# PostgreSQL Von JTable -> Datenbank



## DellCapone (3. Apr 2008)

Ich sitze vor einem Problem. Daten aus der Datenbank auslesen und diese in eine Jtable mit ScrollPane darzustellen klappt. Nun wollte ich aber, nachdem ich was in der Jtable verändert habe auch diese Informationen wieder in die Datenbank schieben.

2.Problem: Ich möchte mit einer Aktion mehrere numerische Werte in eine Spalte einfügen, sei es alles selektieren und einfügen( Wenn es machbar ist) oder vll aus einer txt.Datei auslesen und diese in die Tabelle oder sogar direkt in die Datenbank einfügen.

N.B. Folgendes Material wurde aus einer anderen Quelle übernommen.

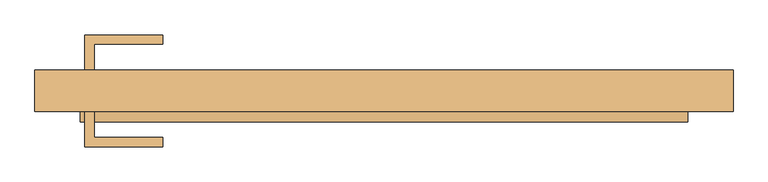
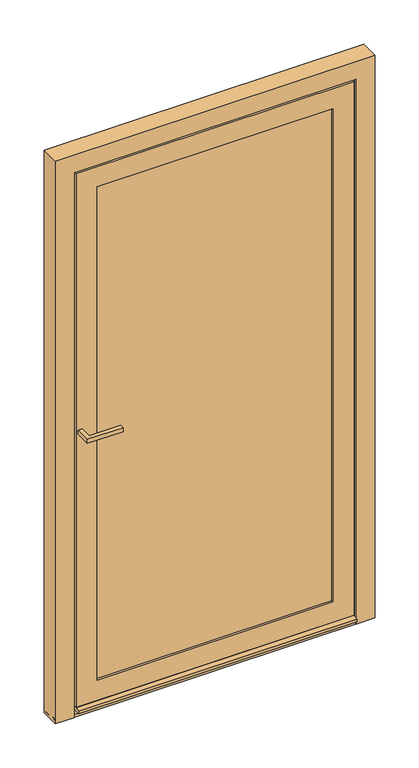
"""IFC4 building model written with IfcOpenShell, lengths in millimetres: door geometry, Reynaers_CS 77_Door_Miter_Inward Opening_Single Vent : Reynaers_CS 77_Door_Miter_Inward Opening_Single Vent."""

import ifcopenshell
import ifcopenshell.guid

model = None  # the IFC model being written
_history = None  # IfcOwnerHistory: only IFC2X3 demands one
_inside = {}  # id of a spatial element -> (the spatial element, [elements in it])
_under = {}  # id of a project, library or spatial element -> (it, [spatial elements below it])
_declared = {}  # id of a project -> (the project, [libraries it declares])
_typed = {}  # id of a type object -> (the type object, [elements of that type])
_made_of = {}  # id of a material, layer set ... -> (it, [elements and type objects made of it])


def new_model(schema):
    """Start an empty IFC model of exactly this schema.

    Asked for "IFC4X3", IfcOpenShell would pick the latest addendum, in which some entities
    have other attributes; the version numbers below select the first issue.
    IFC2X3 requires an IfcOwnerHistory on every rooted entity: one is made here for all.
    """
    global model, _history
    if schema == "IFC4X3":
        model = ifcopenshell.file(schema_version=(4, 3, 0, 0))
    else:
        model = ifcopenshell.file(schema=schema)
    _inside.clear()
    _under.clear()
    _declared.clear()
    _typed.clear()
    _made_of.clear()
    _history = None
    if model.schema == "IFC2X3":
        org = make("IfcOrganization", Name="unknown")
        user = make(
            "IfcPersonAndOrganization",
            ThePerson=make("IfcPerson", FamilyName="unknown"),
            TheOrganization=org,
        )
        app = make(
            "IfcApplication",
            ApplicationDeveloper=org,
            Version="unknown",
            ApplicationFullName="unknown",
            ApplicationIdentifier="unknown",
        )
        _history = make(
            "IfcOwnerHistory",
            OwningUser=user,
            OwningApplication=app,
            ChangeAction="ADDED",
            CreationDate=0,
        )
    return model


def make(cls, **values):
    """One entity of the class cls with the attributes given. An attribute that is None is left unset."""
    return model.create_entity(
        cls, **{name: value for name, value in values.items() if value is not None}
    )


def rooted(cls, **values):
    """An entity with a GlobalId (a new one), such as an element, a storey or a relation."""
    return make(cls, GlobalId=ifcopenshell.guid.new(), OwnerHistory=_history, **values)


def si_unit(unit_type, name, prefix=None):
    """IfcSIUnit, for example si_unit("LENGTHUNIT", "METRE", prefix="MILLI")."""
    return make("IfcSIUnit", UnitType=unit_type, Prefix=prefix, Name=name)


def assignment(units):
    """IfcUnitAssignment: the units of a project."""
    return None if units is None else make("IfcUnitAssignment", Units=units)


def point(xyz):
    """IfcCartesianPoint."""
    return None if xyz is None else make("IfcCartesianPoint", Coordinates=xyz)


def direction(xyz):
    """IfcDirection."""
    return None if xyz is None else make("IfcDirection", DirectionRatios=xyz)


def frame(location, z_axis=None, x_axis=None):
    """IfcAxis2Placement3D, a coordinate frame: its origin and axes. An axis left out is left unset."""
    return make(
        "IfcAxis2Placement3D",
        Location=point(location),
        Axis=direction(z_axis),
        RefDirection=direction(x_axis),
    )


def origin():
    """The frame at (0, 0, 0) with its axes left unset."""
    return frame((0.0, 0.0, 0.0))


def place(relative_to, where):
    """IfcLocalPlacement: puts the frame where relative to a parent placement (None: the world)."""
    return make(
        "IfcLocalPlacement", PlacementRelTo=relative_to, RelativePlacement=where
    )


def context(
    kind, dimensions, precision=None, world=None, true_north=None, identifier=None
):
    """IfcGeometricRepresentationContext, for example the 3D "Model" context."""
    return make(
        "IfcGeometricRepresentationContext",
        ContextIdentifier=identifier,
        ContextType=kind,
        CoordinateSpaceDimension=dimensions,
        Precision=precision,
        WorldCoordinateSystem=world,
        TrueNorth=true_north,
    )


def project(units=None, contexts=None):
    """IfcProject with its units and contexts."""
    return rooted(
        "IfcProject",
        Name="project",
        RepresentationContexts=contexts,
        UnitsInContext=assignment(units),
    )


def spatial(cls, under=None, at=None, **own):
    """A site, building, storey or space (cls), placed at a placement, below another one or the project."""
    s = rooted(cls, ObjectPlacement=at, **own)
    if under is not None:
        _under.setdefault(under.id(), (under, []))[1].append(s)
    return s


def polyline(points):
    """IfcPolyline through the points."""
    return make("IfcPolyline", Points=[point(p) for p in points])


def outline(outer, holes=None, kind="AREA"):
    """IfcArbitraryClosedProfileDef: a profile drawn as a closed curve; with holes, ...WithVoids."""
    if holes is None:
        return make("IfcArbitraryClosedProfileDef", ProfileType=kind, OuterCurve=outer)
    return make(
        "IfcArbitraryProfileDefWithVoids",
        ProfileType=kind,
        OuterCurve=outer,
        InnerCurves=holes,
    )


def extrude(swept, where, along, depth):
    """IfcExtrudedAreaSolid: the profile swept, set in the frame where, extruded along a direction by depth."""
    return make(
        "IfcExtrudedAreaSolid",
        SweptArea=swept,
        Position=where,
        ExtrudedDirection=direction(along),
        Depth=depth,
    )


def faces_of(points, faces, orient=None, outer=None):
    """IfcFace entities. A face is a list of loops; a loop is a list of indices into points, from 0.

    orient and outer hold one flag for each loop. By default every Orientation is true, the
    first loop of a face is its IfcFaceOuterBound and the others are IfcFaceBound.
    """
    made = []
    for i, loops in enumerate(faces):
        bounds = []
        for j, loop in enumerate(loops):
            is_outer = j == 0 if outer is None else outer[i][j]
            bounds.append(
                make(
                    "IfcFaceOuterBound" if is_outer else "IfcFaceBound",
                    Bound=make("IfcPolyLoop", Polygon=[points[k] for k in loop]),
                    Orientation=True if orient is None else orient[i][j],
                )
            )
        made.append(make("IfcFace", Bounds=bounds))
    return made


def faceted_brep(points, faces, orient=None, outer=None, voids=None):
    """IfcFacetedBrep: a solid bounded by flat faces; with voids (closed shells), ...WithVoids."""
    shared = [point(p) for p in points]
    hull = make("IfcClosedShell", CfsFaces=faces_of(shared, faces, orient, outer))
    if voids is None:
        return make("IfcFacetedBrep", Outer=hull)
    return make(
        "IfcFacetedBrepWithVoids",
        Outer=hull,
        Voids=[
            make(cls, CfsFaces=faces_of(shared, fs, o, b)) for cls, fs, o, b in voids
        ],
    )


def shape(context_of_items, identifier, shape_type, items):
    """IfcShapeRepresentation: the items that make up one representation, for example the "Body"."""
    return make(
        "IfcShapeRepresentation",
        ContextOfItems=context_of_items,
        RepresentationIdentifier=identifier,
        RepresentationType=shape_type,
        Items=items,
    )


def source(mapping_origin, context_of_items, identifier, shape_type, items):
    """IfcRepresentationMap: a shape defined once, which mapped items show again and again."""
    return make(
        "IfcRepresentationMap",
        MappingOrigin=mapping_origin,
        MappedRepresentation=shape(context_of_items, identifier, shape_type, items),
    )


def transform(
    local_origin,
    x_axis=None,
    y_axis=None,
    z_axis=None,
    scale=None,
    scale2=None,
    scale3=None,
    uniform=True,
):
    """IfcCartesianTransformationOperator3D, or its non-uniform kind. x_axis, y_axis, z_axis: its Axis1, 2, 3."""
    if uniform:
        return make(
            "IfcCartesianTransformationOperator3D",
            Axis1=direction(x_axis),
            Axis2=direction(y_axis),
            LocalOrigin=point(local_origin),
            Scale=scale,
            Axis3=direction(z_axis),
        )
    return make(
        "IfcCartesianTransformationOperator3DnonUniform",
        Axis1=direction(x_axis),
        Axis2=direction(y_axis),
        LocalOrigin=point(local_origin),
        Scale=scale,
        Axis3=direction(z_axis),
        Scale2=scale2,
        Scale3=scale3,
    )


def mapped(mapping_source, mapping_target):
    """IfcMappedItem: shows the shape of a source again, moved by a transform."""
    return make(
        "IfcMappedItem", MappingSource=mapping_source, MappingTarget=mapping_target
    )


def made_of(thing, what):
    """Note that an element or type object is made of a material, layer set ...; save() writes the relation."""
    if what is not None:
        _made_of.setdefault(what.id(), (what, []))[1].append(thing)
    return thing


def element(
    cls,
    number,
    at=None,
    inside=None,
    cuts=None,
    type_object=None,
    material=None,
    context=None,
    identifier="Body",
    shape_type=None,
    held_by="IfcProductDefinitionShape",
    body=None,
    shapes=None,
    **own,
):
    """One element of the class cls, such as IfcWall. Its Tag is "e" and its number.

    at: its placement. inside: the storey or other place that contains it. cuts: it is an
    opening in that element (IfcRelVoidsElement). A single representation is given by context,
    identifier, shape_type and body (its items); several are given by shapes. held_by: the class
    of the entity that holds the representations. save() writes the other relations.
    """
    e = rooted(cls, Tag="e%d" % number, ObjectPlacement=at, **own)
    if body is not None:
        shapes = [shape(context, identifier, shape_type, body)]
    if shapes is not None:
        e.Representation = make(held_by, Representations=shapes)
    if inside is not None:
        _inside.setdefault(inside.id(), (inside, []))[1].append(e)
    if cuts is not None:
        rooted(
            "IfcRelVoidsElement", RelatingBuildingElement=cuts, RelatedOpeningElement=e
        )
    if type_object is not None:
        _typed.setdefault(type_object.id(), (type_object, []))[1].append(e)
    return made_of(e, material)


def aggregate(whole, parts):
    """IfcRelAggregates: a whole, such as a stair, and the parts it consists of."""
    return rooted("IfcRelAggregates", RelatingObject=whole, RelatedObjects=parts)


def save(model, path):
    """Write the relations noted so far, then the file.

    IfcRelAggregates (storeys below a building ...), IfcRelContainedInSpatialStructure (elements
    in a storey), IfcRelDefinesByType, IfcRelAssociatesMaterial and IfcRelDeclares: one each for
    every whole, place, type object, material and project.
    """
    for whole, parts in _under.values():
        aggregate(whole, parts)
    for where, things in _inside.values():
        rooted(
            "IfcRelContainedInSpatialStructure",
            RelatedElements=things,
            RelatingStructure=where,
        )
    for kind, things in _typed.values():
        rooted("IfcRelDefinesByType", RelatedObjects=things, RelatingType=kind)
    for what, things in _made_of.values():
        rooted("IfcRelAssociatesMaterial", RelatedObjects=things, RelatingMaterial=what)
    for by, libraries in _declared.values():
        rooted("IfcRelDeclares", RelatingContext=by, RelatedDefinitions=libraries)
    model.write(path)


def door_422cb465(model_context):
    return source(origin(), model_context, "Body", "SolidModel", [
        extrude(outline(polyline([(-488.5, -80.0), (-473.5, -80.0), (-473.5, -122.5), (-361.0, -122.5), (-361.0, -137.5), (-488.5, -137.5), (-488.5, -80.0)])), frame((0.0, 0.0, 1062.5), z_axis=(0.0, 0.0, 1.0), x_axis=(1.0, 0.0, 0.0)), (0.0, 0.0, 1.0), 15.0),
        extrude(outline(polyline([(-488.5, -12.0), (-488.5, 45.5), (-361.0, 45.5), (-361.0, 30.5), (-473.5, 30.5), (-473.5, -12.0), (-488.5, -12.0)])), frame((0.0, 0.0, 1062.5), z_axis=(0.0, 0.0, 1.0), x_axis=(1.0, 0.0, 0.0)), (0.0, 0.0, 1.0), 15.0),
        extrude(outline(polyline([(439.0, -45.0), (439.0, -72.0), (-439.0, -72.0), (-439.0, -45.0), (439.0, -45.0)])), frame((0.0, 0.0, 93.5), z_axis=(0.0, 0.0, 1.0), x_axis=(1.0, 0.0, 0.0)), (0.0, 0.0, 1.0), 1895.5),
        faceted_brep([(445.0, -12.0, 1995.0), (445.0, -12.0, 87.5), (445.0, -72.0, 87.5), (445.0, -72.0, 1995.0), (-445.0, -72.0, 1995.0), (-445.0, -72.0, 87.5), (420.0, -72.0, 1970.0), (-420.0, -72.0, 1970.0), (-420.0, -72.0, 112.5), (420.0, -72.0, 112.5), (-445.0, -12.0, 87.5), (-522.0, -12.0, 2072.0), (522.0, -12.0, 2072.0), (522.0, -12.0, 10.5), (-522.0, -12.0, 10.5), (-445.0, -12.0, 1995.0), (522.0, -16.0, 2072.0), (522.0, -16.0, 10.5), (-522.0, -16.0, 10.5), (-522.0, -16.0, 2072.0), (-507.0, -16.0, 2057.0), (507.0, -16.0, 2057.0), (507.0, -16.0, 25.5), (-507.0, -16.0, 25.5), (-507.0, -70.2, 25.5), (-507.0, -70.2, 2057.0), (507.0, -70.2, 25.5), (507.0, -70.2, 2057.0), (-496.0, -70.2, 2046.0), (496.0, -70.2, 2046.0), (496.0, -70.2, 36.5), (-496.0, -70.2, 36.5), (496.0, -80.0, 2046.0), (496.0, -80.0, 36.5), (-496.0, -80.0, 36.5), (-496.0, -80.0, 2046.0), (-420.0, -80.0, 1970.0), (420.0, -80.0, 1970.0), (420.0, -80.0, 112.5), (-420.0, -80.0, 112.5)], [[[0, 1, 2, 3]], [[4, 3, 2, 5], [6, 7, 8, 9]], [[1, 10, 5, 2]], [[11, 12, 13, 14], [0, 15, 10, 1]], [[16, 17, 13, 12]], [[17, 18, 14, 13]], [[16, 19, 18, 17], [20, 21, 22, 23]], [[10, 15, 4, 5]], [[18, 19, 11, 14]], [[24, 25, 20, 23]], [[26, 24, 23, 22]], [[27, 26, 22, 21]], [[27, 25, 24, 26], [28, 29, 30, 31]], [[32, 33, 30, 29]], [[33, 34, 31, 30]], [[32, 35, 34, 33], [36, 37, 38, 39]], [[6, 9, 38, 37]], [[9, 8, 39, 38]], [[34, 35, 28, 31]], [[8, 7, 36, 39]], [[15, 0, 3, 4]], [[19, 16, 12, 11]], [[25, 27, 21, 20]], [[35, 32, 29, 28]], [[7, 6, 37, 36]]]),
        faceted_brep([(420.0, -12.0, 1970.0), (420.0, -12.0, 112.5), (420.0, -45.0, 112.5), (420.0, -45.0, 1970.0), (444.0, -45.0, 1994.0), (-444.0, -45.0, 1994.0), (-444.0, -45.0, 88.5), (444.0, -45.0, 88.5), (-420.0, -45.0, 1970.0), (-420.0, -45.0, 112.5), (-420.0, -12.0, 112.5), (-444.0, -12.0, 1994.0), (444.0, -12.0, 1994.0), (444.0, -12.0, 88.5), (-444.0, -12.0, 88.5), (-420.0, -12.0, 1970.0)], [[[0, 1, 2, 3]], [[4, 5, 6, 7], [8, 3, 2, 9]], [[1, 10, 9, 2]], [[11, 12, 13, 14], [0, 15, 10, 1]], [[4, 7, 13, 12]], [[7, 6, 14, 13]], [[10, 15, 8, 9]], [[6, 5, 11, 14]], [[15, 0, 3, 8]], [[5, 4, 12, 11]]]),
        faceted_brep([(-502.0, -76.2, 0.0), (-502.0, -80.0, 0.0), (-570.0, -80.0, 0.0), (-570.0, -12.0, 0.0), (-528.0, -12.0, 0.0), (-528.0, -21.8, 0.0), (-517.0, -21.8, 0.0), (-517.0, -76.2, 0.0), (-517.0, -76.2, 2067.0), (517.0, -76.2, 2067.0), (517.0, -76.2, 0.0), (502.0, -76.2, 0.0), (502.0, -76.2, 2052.0), (-502.0, -76.2, 2052.0), (-517.0, -21.8, 2067.0), (-528.0, -21.8, 2078.0), (528.0, -21.8, 2078.0), (528.0, -21.8, 0.0), (517.0, -21.8, 0.0), (517.0, -21.8, 2067.0), (-528.0, -12.0, 2078.0), (-570.0, -12.0, 2120.0), (570.0, -12.0, 2120.0), (570.0, -12.0, 0.0), (528.0, -12.0, 0.0), (528.0, -12.0, 2078.0), (-570.0, -80.0, 2120.0), (-502.0, -80.0, 2052.0), (502.0, -80.0, 2052.0), (502.0, -80.0, 0.0), (570.0, -80.0, 0.0), (570.0, -80.0, 2120.0)], [[[0, 1, 2, 3, 4, 5, 6, 7]], [[7, 8, 9, 10, 11, 12, 13, 0]], [[6, 14, 8, 7]], [[5, 15, 16, 17, 18, 19, 14, 6]], [[4, 20, 15, 5]], [[3, 21, 22, 23, 24, 25, 20, 4]], [[2, 26, 21, 3]], [[1, 27, 28, 29, 30, 31, 26, 2]], [[0, 13, 27, 1]], [[12, 11, 29, 28]], [[11, 10, 18, 17, 24, 23, 30, 29]], [[19, 18, 10, 9]], [[31, 30, 23, 22]], [[25, 24, 17, 16]], [[26, 31, 22, 21]], [[13, 12, 28, 27]], [[14, 19, 9, 8]], [[20, 25, 16, 15]]]),
        extrude(outline(polyline([(-80.0, 35.5), (-71.2, 35.5), (-71.2, 24.7), (-59.5, 24.7), (-59.5, 18.8954051), (-68.0064116, 18.8954051), (-68.0064116, 21.5), (-97.0, 21.5), (-97.0, 30.9448637), (-80.0, 35.5)])), frame((-496.0, 0.0, 0.0), z_axis=(1.0, 0.0, 0.0), x_axis=(0.0, 1.0, 0.0)), (0.0, 0.0, 1.0), 992.0),
        extrude(outline(polyline([(-12.0, 1.9998842), (-12.0, 1.0), (-80.0, 1.0), (-80.0, 11.8965841), (-69.0376477, 19.0941012), (-63.3950457, 10.5), (-21.0, 10.5), (-21.0, 2.4715542), (-12.0, 1.9998842)])), frame((-570.0, 0.0, 0.0), z_axis=(1.0, 0.0, 0.0), x_axis=(0.0, 1.0, 0.0)), (0.0, 0.0, 1.0), 1140.0),
    ])


if __name__ == "__main__":
    model = new_model("IFC4")
    model_context = context("Model", 3, world=origin())
    ifc_project = project(units=[si_unit("LENGTHUNIT", "METRE", prefix="MILLI")], contexts=[model_context])
    site = spatial("IfcSite", under=ifc_project)
    building = spatial("IfcBuilding", under=site)
    placement = place(None, origin())
    door_shape = door_422cb465(model_context)
    element("IfcDoor", 1, ObjectType="Reynaers_CS 77_Door_Miter_Inward Opening_Single Vent : Reynaers_CS 77_Door_Miter_Inward Opening_Single Vent", at=placement, inside=building, context=model_context, shape_type="MappedRepresentation", body=[
        mapped(door_shape, transform((0.0, 0.0, 0.0), x_axis=(1.0, 0.0, 0.0), y_axis=(0.0, 1.0, 0.0), z_axis=(0.0, 0.0, 1.0))),
    ])
    save(model, "model.ifc")

Habe auf lokalem Rechner PostgreSQL-Server am laufen und bin was Java angeht noch ein Neuling.


----------



## Guest (5. Apr 2008)

keiner ne idee wie man das anstellt?


----------



## maki (5. Apr 2008)

JDBC für den Einstieg wenn es um Datenbanken geht.


----------



## DellCapone (5. Apr 2008)

toll, was soll mir das sagen?
JDBC habe  ich schon am laufen. kann mit meinem java-programm die jede tabelle der datenbank auslesen und in jtable darstellen. mir gehts jetzt nun wie ich veränderte inhalte wieder zurück senden kann bzw eingelesene sachen in die tabelle einträge oder in die jtable und die dann in die datenbank


----------



## ms (7. Apr 2008)

Was anderes als per JDBC deine UPDATEs, DELETEs und INSERTs zu machen wird man dir nicht raten können.

ms


----------



## DellCapone (7. Apr 2008)

Ja aber wie mache ich das. Ich weis nicht wo ich da anfangen soll.


----------



## ms (7. Apr 2008)

Am besten mit einem JDBC-Tutorial: http://www.google.at/search?hl=de&q=jdbc+tutorial&btnG=Google-Suche&meta=

ms


----------